All entries must come back exactly as given, with no pictures in the copy.

BEGIN AVAILABLE DATA

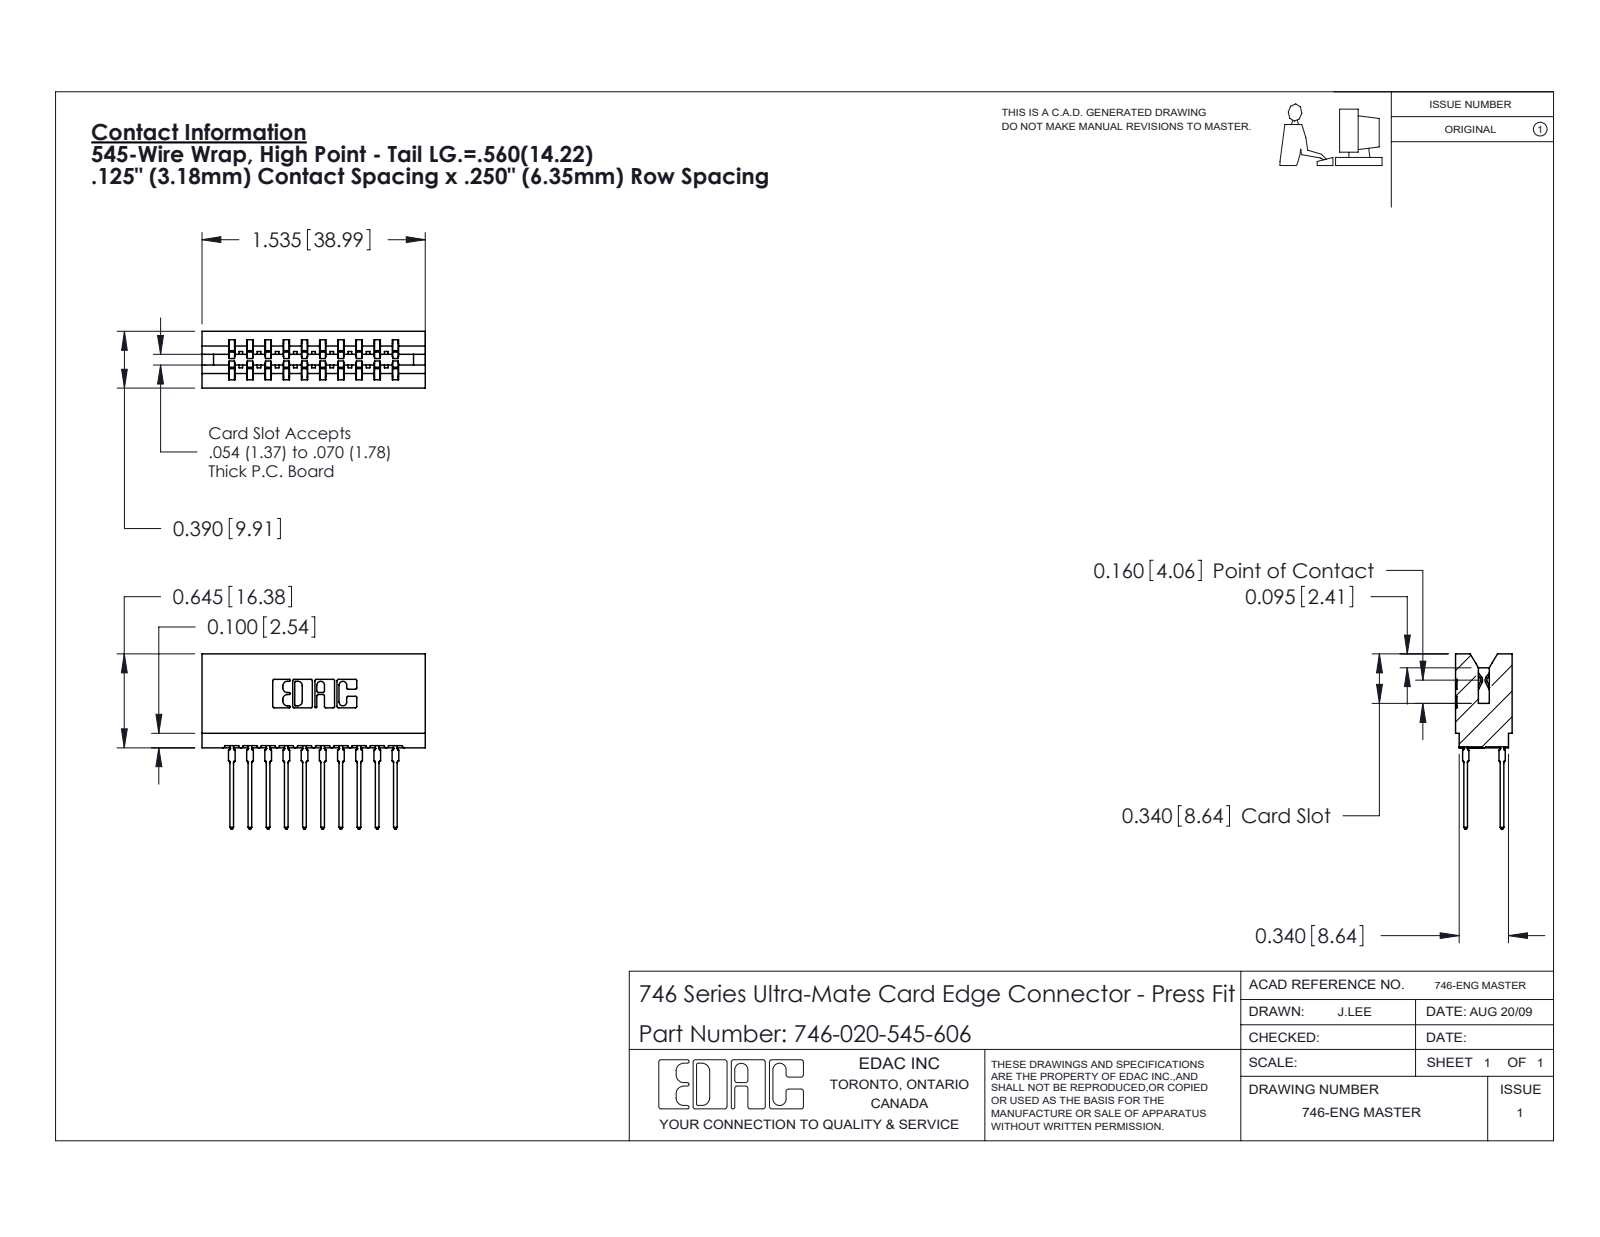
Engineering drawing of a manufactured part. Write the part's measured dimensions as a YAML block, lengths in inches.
part_name: "746 Part_.340 Slot Depth - 06; 746-292-001_545; 746-020-545-606"
step_written_by: "SolidWorks 2020 (CONFIG_CONTROL_DESIGN)"
units: inches
bodies: {solids: 21, faces: 1888, planar: 976, cylindrical: 392, other: 520}
overall_size: [1.535, 1.204, 0.39]
volume: 0.287
surface_area: 10.33
partial_cylinders:
  - {radius: 0.021, count: 40}
  - {radius: 0.01, count: 22}
  - {radius: 0.015, count: 11}
  - {radius: 0.005, count: 8}
  - {radius: 0.011, count: 8}
  - {radius: 0.007, count: 6}
  - {radius: 0.031, count: 6}
  - {radius: 0.026, count: 3}
face_to_face_distances: [0.25, 0.057, 0.333, 0.5, 0.042, 0.125, 0.75, 0.125, 0.083, 0.39]

END AVAILABLE DATA

▸ RESPONSE FOR THIS EXERCISE:
Engineering drawing of a manufactured part. Write the part's measured dimensions as a YAML block, lengths in inches.
part_name: "746 Part_.340 Slot Depth - 06; 746-292-001_545; 746-020-545-606"
step_written_by: "SolidWorks 2020 (CONFIG_CONTROL_DESIGN)"
units: inches
bodies: {solids: 21, faces: 1888, planar: 976, cylindrical: 392, other: 520}
overall_size: [1.535, 1.204, 0.39]
volume: 0.287
surface_area: 10.33
partial_cylinders:
  - {radius: 0.021, count: 40}
  - {radius: 0.01, count: 22}
  - {radius: 0.015, count: 11}
  - {radius: 0.005, count: 8}
  - {radius: 0.011, count: 8}
  - {radius: 0.007, count: 6}
  - {radius: 0.031, count: 6}
  - {radius: 0.026, count: 3}
face_to_face_distances: [0.25, 0.057, 0.333, 0.5, 0.042, 0.125, 0.75, 0.125, 0.083, 0.39]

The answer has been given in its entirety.